On the Art of Communication: Generation Gap or Just Plain Rudeness?

The TelephoneNick Belton, a young “guru” on the digital age, offered a recent rant about excess text messages, especially ones that say things like “thank you.” Belton hates wasting even one extra minute on any communication medium that does not serve his immediate purpose. He finds phone calls and voice mail particularly offensive, saying:

My father learned this lesson last year after leaving me a dozen voice mail messages, none of which I listened to. Exasperated, he called my sister to complain that I never returned his calls. “Why are you leaving him voice mails?” my sister asked. “No one listens to voice mail anymore. Just text him.”

No one listens to voice mail? Really? Hmmm.  Later in the column, this young man indicates he communicates with his mother by Twitter.

OK, lets talk about twitter:  140 characters per tweet.  I have a twitter account–should you wish to become one my many followers (note: sarcasm present) feel free. Twitter name, the unoriginal: christythomas.

Last fall, I participated in an “in-depth” conversation about a critical issue using a tweetchat medium–140 character limit.

The sentence above contains precisely 140 characters.  It took me ten minutes to edit it to that exact length, an interesting waste of time.

The “in-depth conversation” offered surface cliches and unsupported statements, no nuance or explanation. It was difficult to follow as people had to respond to previous statements with the @symbol to accurately reference tweets several lines and thought-leaps away.

More, because, of course, they found their own thoughts so profound, they also needed to hashtag (#) them to other places so their followers would not miss a word.

To say I found this tweetchat unsatisfactory would be an understatement.

Now, the oh-so-put-upon Belton’s quote above about his father’s many phone calls contains 303 characters.  Twice the space offered to criticize his dad as he spends communicating with his mother.

This is progress?

I am no Luddite and enjoy the electronic world.  I was one of the first users of personal computers, expensive as they were.

My typing has always been both fast and riddled with mistakes. To quickly fix errors in my documents without the laborious process of painting with liquid paper and erasing carbon copies seemed utterly miraculous to me.

I also think email and texting can be better ways to communicate than the telephone.  The act of writing our thoughts means we can rewrite as necessary. We can also reply when most convenient. No need to jump when the phone rings and be at the mercy of the schedule of others.

All helps bring more gracious and thoughtful discourse.

Email, at its best, serves as a way to embrace again the art of letter writing.  Through emails, we may keep a journal of our lives and loves, just as handwritten letters did for generations.

After my mother died in 2010, I discovered a treasure trove of copies of letters she had written to her family over a period of 60 years.  I saw riches and nuances I would have never known without them. She poured out her soul in the written word.  Conversations long-forgotten suddenly came alive again.

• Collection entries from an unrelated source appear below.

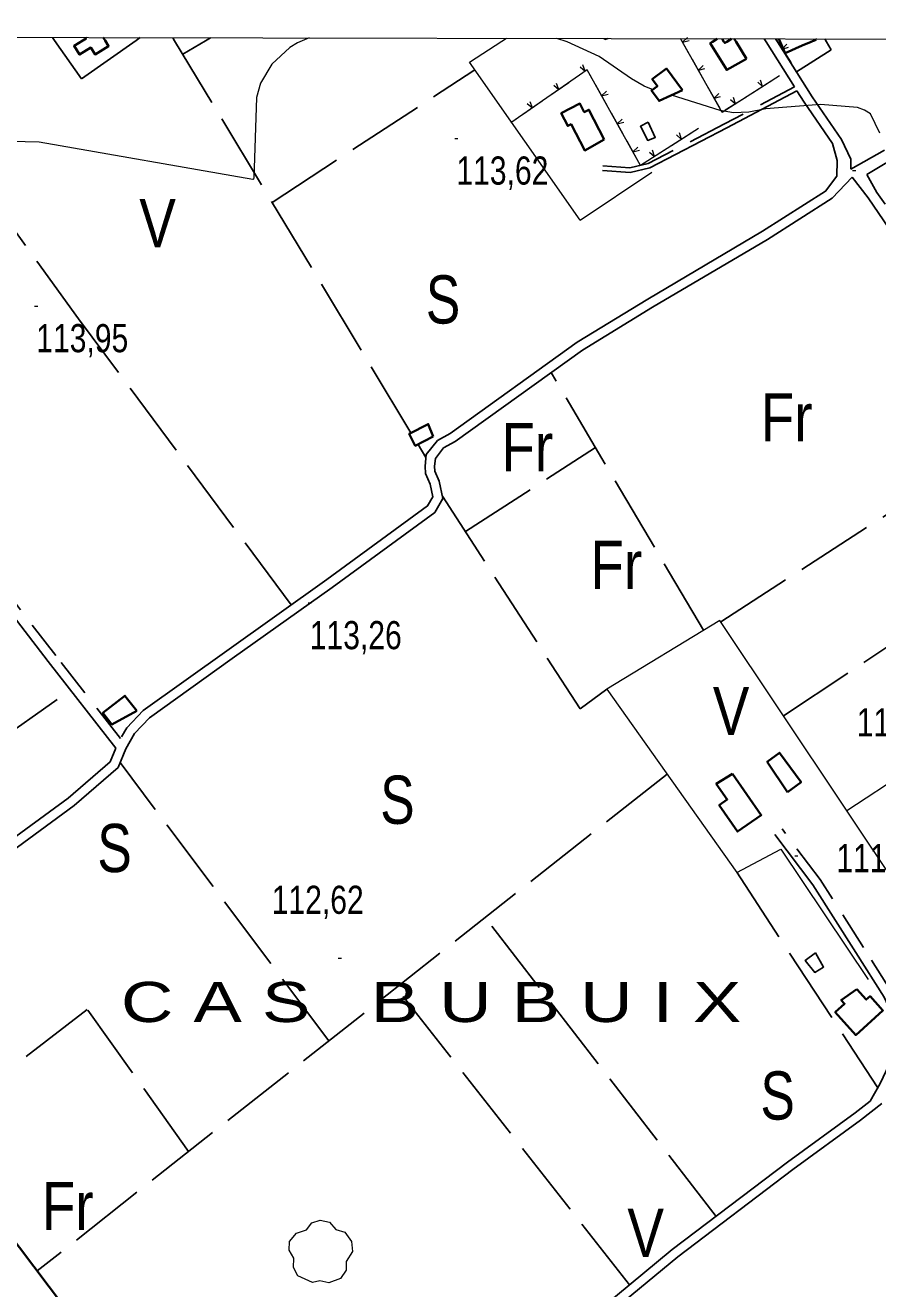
# Model space of a CAD drawing. Extents: x 483840 to 488445, y 4386047 to 4389027.
# Drawn here: x 486095.2 to 486360.3, y 4388367.4 to 4388760.3 of the extents above; entities that cross this region are included whole.
import ezdxf
from ezdxf.enums import TextEntityAlignment as Align

# ---------------------------------------------------------------- set-up
doc = ezdxf.new("R2010")
doc.units = 0
doc.header["$LTSCALE"] = 4
doc.linetypes.add('LONG_DASHED', pattern=[7.5, 6, -1.5])
doc.linetypes.add('MEDIUM_DASHED', pattern=[4.5, 3, -1.5])
for name, color, linetype, lineweight in [('1', 7, 'Continuous', 13), ('21', 7, 'Continuous', 25), ('24', 7, 'Continuous', 13), ('25', 7, 'LONG_DASHED', 25), ('29', 7, 'Continuous', 13), ('38', 7, 'Continuous', 25), ('47', 7, 'Continuous', 35), ('51', 7, 'Continuous', 13), ('6', 7, 'Continuous', 35), ('7', 7, 'Continuous', 13), ('9', 7, 'Continuous', 13)]:
    doc.layers.add(name, color=color, linetype=linetype, lineweight=lineweight)
doc.layers.add('31', color=7, linetype='Continuous')
doc.layers.add('5', color=7, linetype='Continuous')

msp = doc.modelspace()

# ---------------------------------------------------------------- linework, layer by layer
at = {"layer": '1'}
msp.add_lwpolyline([(484110.5, 4388760.3), (487685.8, 4388753.5), (487681.9, 4386441.2), (484105.5, 4386448.1)], close=True, dxfattribs=at)
at = {"layer": '21'}
for p, q in [((486275.39, 4388755.88), (486275.22, 4388756.18)), ((486276.32, 4388756.18), (486275.39, 4388755.88))]:
    msp.add_line(p, q, dxfattribs=at)
for points in [[(486288.93, 4388730.17), (486286.46, 4388728.89), (486288.79, 4388724.47), (486291.12, 4388725.45)], [(486340.97, 4388471.91), (486337.74, 4388469.5), (486340.68, 4388465.76), (486343.45, 4388467.41)]]:
    msp.add_lwpolyline(points, close=True, dxfattribs=at)
at = {"layer": '24'}
for p, q in [((486301.46, 4388751.78), (486299, 4388756.15)), ((486328.62, 4388756.09), (486333.35, 4388748.59)), ((486328.62, 4388756.09), (486332.62, 4388749.75)), ((486306.35, 4388743.08), (486302.68, 4388749.61)), ((486327.66, 4388743.22), (486321.32, 4388739.2)), ((486264.17, 4388742.44), (486258.01, 4388738.16)), ((486276.25, 4388735.11), (486272.59, 4388741.66)), ((486311.25, 4388734.37), (486307.58, 4388740.91)), ((486255.97, 4388736.74), (486249.81, 4388732.45)), ((486319.22, 4388737.86), (486312.89, 4388733.85)), ((486281.13, 4388726.39), (486277.47, 4388732.94)), ((486247.77, 4388731.03), (486246.23, 4388729.96)), ((486286, 4388717.67), (486282.34, 4388724.22)), ((486302.43, 4388726.85), (486296.11, 4388722.81)), ((486294.02, 4388721.47), (486287.7, 4388717.42))]:
    msp.add_line(p, q, dxfattribs=at)
for points in [[(486329.76, 4388744.55), (486311.9, 4388733.22), (486299, 4388756.15)], [(486301.1, 4388756.5), (486299.62, 4388755.05), (486301.62, 4388755.57)], [(486332.02, 4388754.44), (486330.62, 4388752.92), (486332.59, 4388753.54)], [(486267.71, 4388747.34), (486269.29, 4388746), (486268.59, 4388747.95)], [(486305.99, 4388747.8), (486304.52, 4388746.34), (486306.52, 4388746.86)], [(486304.53, 4388728.19), (486286.55, 4388716.69), (486269.92, 4388746.44), (486246.23, 4388729.96)], [(486271.38, 4388743.83), (486269.92, 4388746.44), (486266.21, 4388743.86)], [(486322.96, 4388742.61), (486324.49, 4388741.21), (486323.87, 4388743.18)], [(486259.51, 4388741.63), (486261.09, 4388740.3), (486260.38, 4388742.24)], [(486275.9, 4388739.83), (486274.42, 4388738.39), (486276.43, 4388738.9)], [(486310.89, 4388739.09), (486309.41, 4388737.64), (486311.42, 4388738.16)], [(486251.31, 4388735.93), (486252.89, 4388734.59), (486252.18, 4388736.54)], [(486314.53, 4388737.26), (486316.06, 4388735.86), (486315.43, 4388737.83)], [(486280.78, 4388731.11), (486279.3, 4388729.67), (486281.3, 4388730.18)], [(486297.74, 4388726.22), (486299.27, 4388724.83), (486298.64, 4388726.8)], [(486285.65, 4388722.39), (486284.17, 4388720.95), (486286.17, 4388721.46)], [(486289.32, 4388720.84), (486290.86, 4388719.45), (486290.23, 4388721.42)]]:
    msp.add_lwpolyline(points, dxfattribs=at)
at = {"layer": '25'}
for p, q in [((486104.3, 4388755.58), (486103.65, 4388756.51)), ((486130.94, 4388756.46), (486129.61, 4388755.53)), ((486141.59, 4388755.51), (486141.03, 4388756.44)), ((486215.13, 4388633.56), (486141.59, 4388755.51)), ((486151.24, 4388755.49), (486144.13, 4388751.31)), ((486152.8, 4388756.42), (486151.23, 4388755.49)), ((486343.86, 4388756.05), (486344.38, 4388755.11)), ((486171.92, 4388705.23), (486234.99, 4388746.46)), ((486063.66, 4388735.58), (486111.7, 4388669.05)), ((486177.83, 4388580.04), (486111.7, 4388669.05)), ((486306.1, 4388572.15), (486258.72, 4388652.3)), ((486311.46, 4388574.81), (486404.56, 4388634.97)), ((486219.77, 4388625.86), (486217.31, 4388629.94)), ((486232.03, 4388602.88), (486272.51, 4388628.99)), ((486330.99, 4388545.58), (486366.24, 4388568.94)), ((486011.75, 4388485.18), (486109.24, 4388553.5)), ((486189.6, 4388444.51), (486124.64, 4388531.01)), ((486294.77, 4388527.46), (486098.88, 4388372.95)), ((486316.44, 4388496.9), (486360.29, 4388429.87)), ((486310.02, 4388389.91), (486238.21, 4388482.85)), ((486283.12, 4388368.6), (486210.52, 4388461.01))]:
    msp.add_line(p, q, dxfattribs=at)
for points in [[(486129.62, 4388755.54), (486112.63, 4388743.69), (486104.29, 4388755.58)], [(486344.38, 4388755.12), (486345.76, 4388752.62), (486335.01, 4388745.77)], [(486224.92, 4388613.85), (486267.7, 4388547.78), (486276.02, 4388553.87)], [(486145.98, 4388410.1), (486114.45, 4388454.28), (486066.46, 4388417.1)]]:
    msp.add_lwpolyline(points, dxfattribs=at)
at = {"layer": '29'}
msp.add_lwpolyline([(486184.51, 4388369.3), (486179.97, 4388371.42), (486178.56, 4388373.96), (486178.66, 4388376.94), (486177.29, 4388379.35), (486177.33, 4388382.1), (486179.49, 4388384.7), (486182.68, 4388385.7), (486184.33, 4388387.89), (486186.9, 4388388.72), (486189.76, 4388388.07), (486191.71, 4388385.8), (486194.52, 4388384.98), (486196.65, 4388382.13), (486196.89, 4388379), (486195.01, 4388375.85), (486195.01, 4388373.17), (486193.19, 4388370.56), (486189.57, 4388369.22), (486186.8, 4388369.85)], close=True, dxfattribs=at)
at = {"layer": '38'}
for p, q in [((486325.59, 4388755.15), (486325, 4388756.09)), ((486334.4, 4388741.12), (486325.59, 4388755.16)), ((486329.11, 4388755.14), (486328.52, 4388756.08))]:
    msp.add_line(p, q, dxfattribs=at)
for points in [[(486351.95, 4388715.56), (486351.95, 4388718.62), (486349, 4388724.83), (486339.88, 4388738), (486329.11, 4388755.15)], [(486356.91, 4388713.91), (486390.65, 4388734.09), (486420.06, 4388754.97)], [(486125.14, 4388539.04), (486126.7, 4388541.81), (486131.81, 4388547.23), (486157.81, 4388565.81), (486188.91, 4388587.92), (486220.29, 4388610.84), (486221.92, 4388613.65), (486221.08, 4388617.59), (486219.65, 4388620.89), (486219.5, 4388623.24), (486219.87, 4388626.79), (486223.34, 4388631.17), (486227.31, 4388633.36), (486266.8, 4388661.78), (486288.77, 4388675.17), (486324.43, 4388696.23), (486344.05, 4388708.71), (486347.55, 4388713.33), (486347.69, 4388718.26), (486346.27, 4388723.56), (486337.4, 4388736.36), (486335.17, 4388739.91)], [(486335.17, 4388739.91), (486313.31, 4388728.36), (486289.38, 4388715.93), (486283.27, 4388714.48), (486274.69, 4388715.15)], [(486033.72, 4388459.48), (486052.43, 4388473.19), (486076.56, 4388492.95), (486110.38, 4388517.64), (486124.01, 4388529.51), (486126.45, 4388535.31), (486129.11, 4388540.04), (486133.77, 4388544.98), (486159.53, 4388563.39), (486190.65, 4388585.51), (486222.54, 4388608.81), (486225.06, 4388613.15), (486223.93, 4388618.5), (486222.58, 4388621.6), (486222.48, 4388623.18), (486222.74, 4388625.62), (486225.29, 4388628.86), (486228.9, 4388630.84), (486268.45, 4388659.3), (486290.29, 4388672.62), (486325.99, 4388693.7), (486346.1, 4388706.49), (486352.36, 4388713.1)], [(486438.94, 4388583.08), (486417.59, 4388614.59), (486380.14, 4388673.12), (486357.27, 4388706.61), (486352.36, 4388713.1)], [(486123.29, 4388535.46), (486102.27, 4388562.43), (486079.04, 4388592.63), (486059.8, 4388616.3), (486048.45, 4388632.26)], [(486031.88, 4388461.81), (486050.61, 4388475.53), (486074.74, 4388495.3), (486108.53, 4388519.96), (486121.54, 4388531.3), (486123.29, 4388535.46)], [(486368.72, 4388444.06), (486362.33, 4388458.05), (486353.45, 4388471.97), (486340.07, 4388493.03), (486328.26, 4388508.69)], [(486167.47, 4388276.64), (486196.77, 4388298.32), (486229.44, 4388324.85), (486265.99, 4388354.46), (486296.41, 4388379.57), (486332.22, 4388406.78), (486353.27, 4388422.12), (486357.92, 4388425.73), (486361.06, 4388431.21), (486363.9, 4388437.14), (486368.72, 4388444.06)], [(486169.13, 4388274.35), (486198.5, 4388296.09), (486231.22, 4388322.66), (486267.77, 4388352.28), (486298.16, 4388377.36), (486333.9, 4388404.52), (486354.96, 4388419.87), (486361.55, 4388424.99)]]:
    msp.add_lwpolyline(points, dxfattribs=at)
at = {"layer": '38', "linetype": 'MEDIUM_DASHED'}
for points in [[(486351.95, 4388715.56), (486389.06, 4388736.53), (486415.05, 4388754.98)], [(486334.4, 4388741.12), (486312.65, 4388729.62), (486288.88, 4388717.27), (486283.16, 4388715.92), (486274.8, 4388716.57)], [(486443.22, 4388581.34), (486420.29, 4388616.41), (486382.85, 4388674.91), (486360.04, 4388708.33), (486356.91, 4388713.91)], [(486124.76, 4388538.51), (486104.67, 4388564.29), (486081.42, 4388594.51), (486062.22, 4388618.14), (486050.92, 4388634.02)], [(486370.88, 4388446.75), (486364.82, 4388459.43), (486355.85, 4388473.5), (486342.41, 4388494.65), (486330.53, 4388510.4)]]:
    msp.add_lwpolyline(points, dxfattribs=at)
at = {"layer": '47'}
for p, q in [((486119.44, 4388756.48), (486120.01, 4388755.55)), ((486310.39, 4388756.12), (486308.88, 4388755.18)), ((486312.47, 4388755.18), (486311.89, 4388756.11)), ((486314.85, 4388756.11), (486313.33, 4388755.17)), ((486316.24, 4388755.17), (486315.66, 4388756.11)), ((486319.51, 4388749.88), (486316.24, 4388755.17)), ((486329.49, 4388756.08), (486329.92, 4388755.14)), ((486339.53, 4388755.12), (486341.1, 4388755.76)), ((486341.1, 4388755.76), (486340.96, 4388756.06))]:
    msp.add_line(p, q, dxfattribs=at)
for points in [[(486120.01, 4388755.55), (486121.08, 4388753.82), (486116.87, 4388751.22), (486115.54, 4388753.37), (486112.03, 4388751.2), (486110.36, 4388753.89), (486113.05, 4388755.57)], [(486113.04, 4388755.56), (486114.05, 4388756.19), (486113.86, 4388756.49)], [(486308.89, 4388755.19), (486308.18, 4388754.75), (486313.34, 4388746.4), (486319.51, 4388749.88)], [(486313.34, 4388755.18), (486312.71, 4388754.79), (486312.47, 4388755.18)], [(486329.91, 4388755.15), (486331.55, 4388751.6), (486336.8, 4388754.02), (486339.54, 4388755.13)]]:
    msp.add_lwpolyline(points, dxfattribs=at)
for points in [[(486299.57, 4388740.17), (486294.61, 4388746.83), (486290.17, 4388743.53), (486291.77, 4388741.37), (486289.93, 4388740.02), (486292.3, 4388736.77)], [(486275.21, 4388724.82), (486270.47, 4388734.04), (486269.04, 4388733.31), (486267.69, 4388735.94), (486261.86, 4388732.95), (486263.88, 4388729), (486264.92, 4388729.54), (486269.16, 4388721.36)], [(486222.03, 4388632.39), (486220.52, 4388636.29), (486214.56, 4388633.21), (486216.45, 4388629.54)], [(486129.83, 4388547.1), (486126.14, 4388551.82), (486119.3, 4388546.49), (486122.09, 4388542.9)], [(486332.26, 4388521.85), (486336.45, 4388524.94), (486329.7, 4388534.08), (486325.92, 4388531.3)], [(486315.14, 4388527.53), (486324.09, 4388514.71), (486316.72, 4388509.57), (486311.01, 4388517.75), (486313.51, 4388519.5), (486310.05, 4388524.43)], [(486353.81, 4388460.53), (486356.74, 4388457.31), (486357.92, 4388458.38), (486361.93, 4388453.95), (486353.46, 4388446.3), (486347.06, 4388453.38), (486349.99, 4388456.03), (486348.93, 4388457.19)]]:
    msp.add_lwpolyline(points, close=True, dxfattribs=at)
at = {"layer": '51'}
for p, q in [((486243.38, 4388755.31), (486244.83, 4388756.24)), ((486267.75, 4388699.68), (486290.08, 4388714.57)), ((486350.66, 4388516.14), (486442.59, 4388576.42))]:
    msp.add_line(p, q, dxfattribs=at)
for points in [[(486267.75, 4388699.68), (486233.32, 4388748.83), (486243.39, 4388755.32)], [(486387.72, 4388460.66), (486311.17, 4388575.23), (486276.02, 4388553.87), (486316.47, 4388496.85), (486330.19, 4388504.07), (486357.33, 4388463.53)]]:
    msp.add_lwpolyline(points, dxfattribs=at)
at = {"layer": '6'}
msp.add_lwpolyline([(486041.26, 4388448.96), (486070.33, 4388412.2), (486088.62, 4388386.55), (486116.6, 4388349.44), (486140.39, 4388314.86), (486164.8, 4388280.35), (486169.29, 4388274.24)], dxfattribs=at)
at = {"layer": '7'}
for p, q in [((486228.73, 4388725.12), (486229.73, 4388725.12)), ((486352.44, 4388715.12), (486353.44, 4388715.12)), ((486098.07, 4388673), (486099.07, 4388673)), ((486183.13, 4388580.65), (486184.13, 4388580.65)), ((486334.49, 4388501.98), (486335.49, 4388501.98)), ((486192.47, 4388470.17), (486193.47, 4388470.17))]:
    msp.add_line(p, q, dxfattribs=at)
at = {"layer": '9'}
for points in [[(486183.42, 4388756.36), (486179.83, 4388754.85), (486177.45, 4388753.41), (486171.84, 4388748.22), (486168.33, 4388742.34), (486167.13, 4388737.89), (486166.27, 4388712.73), (486166.19, 4388712.57), (486166.15, 4388712.52), (486166.11, 4388712.48), (486165.89, 4388712.35), (486099.53, 4388723.97), (486090.75, 4388724.18)], [(486290.39, 4388740.36), (486289.39, 4388740.67), (486287.63, 4388741.41), (486283.74, 4388743.62), (486273.61, 4388750.62), (486263.7, 4388755.2), (486260.51, 4388756.21)], [(486325.54, 4388734.34), (486320.22, 4388733.29), (486315.41, 4388733.11), (486311.3, 4388733.82), (486296.13, 4388738.56)], [(486360.98, 4388726.74), (486358.02, 4388732.81), (486356.23, 4388733.91), (486354.01, 4388734.75), (486342.47, 4388735.67), (486325.54, 4388734.34)]]:
    msp.add_lwpolyline(points, dxfattribs=at)

# ---------------------------------------------------------------- texts
at = {"layer": '31'}
for s, width, p in [('V', 0.85, (486136.31, 4388691.24)), ('S', 0.8, (486225.1, 4388667.54)), ('Fr', 0.85, (486331.98, 4388630.88)), ('Fr', 0.85, (486251.28, 4388621.64)), ('Fr', 0.85, (486279.01, 4388584.98)), ('V', 0.85, (486314.68, 4388539.55)), ('S', 0.8, (486210.91, 4388511.97)), ('S', 0.8, (486122.93, 4388496.96)), ('S', 0.8, (486329.17, 4388420)), ('Fr', 0.85, (486108.37, 4388385.64)), ('V', 0.85, (486288.12, 4388377.26))]:
    msp.add_text(s, height=15, dxfattribs=dict(at, width=width)).set_placement(p, align=Align.CENTER)
at = {"layer": '5', "width": 1.35}
msp.add_text('C A S   B U B U I X', height=12.49, dxfattribs=at).set_placement((486317.88, 4388450.34), align=Align.RIGHT)
at = {"layer": '7', "width": 0.8}
for s, p in [('113,62', (486229.23, 4388710.75)), ('113,95', (486098.57, 4388658.63)), ('113,26', (486183.63, 4388566.28)), ('111,64', (486353.76, 4388539.18)), ('111,62', (486347.42, 4388496.93)), ('112,62', (486171.79, 4388483.98))]:
    msp.add_text(s, height=8.75, dxfattribs=at).set_placement(p)

doc.saveas('drawing.dxf')

What would the world’s great literature and religion be without those who took time to write their thoughts?  How much we owe both to them and to the labors of those whose lives were dedicated to carefully and accurately make copies of such things!

Real communication takes time, energy, thoughtfulness and willingness to enter into the world of another.  It is also fraught with problems, open to misinterpretation, and makes the writer vulnerable to attack.

Mostly, it builds bridges when we are willing to take the time to listen. However, if even a “thank you” text is a source of irritation, I do wonder where we are headed next.

PS: FYI:  There are 3804 characters in this column!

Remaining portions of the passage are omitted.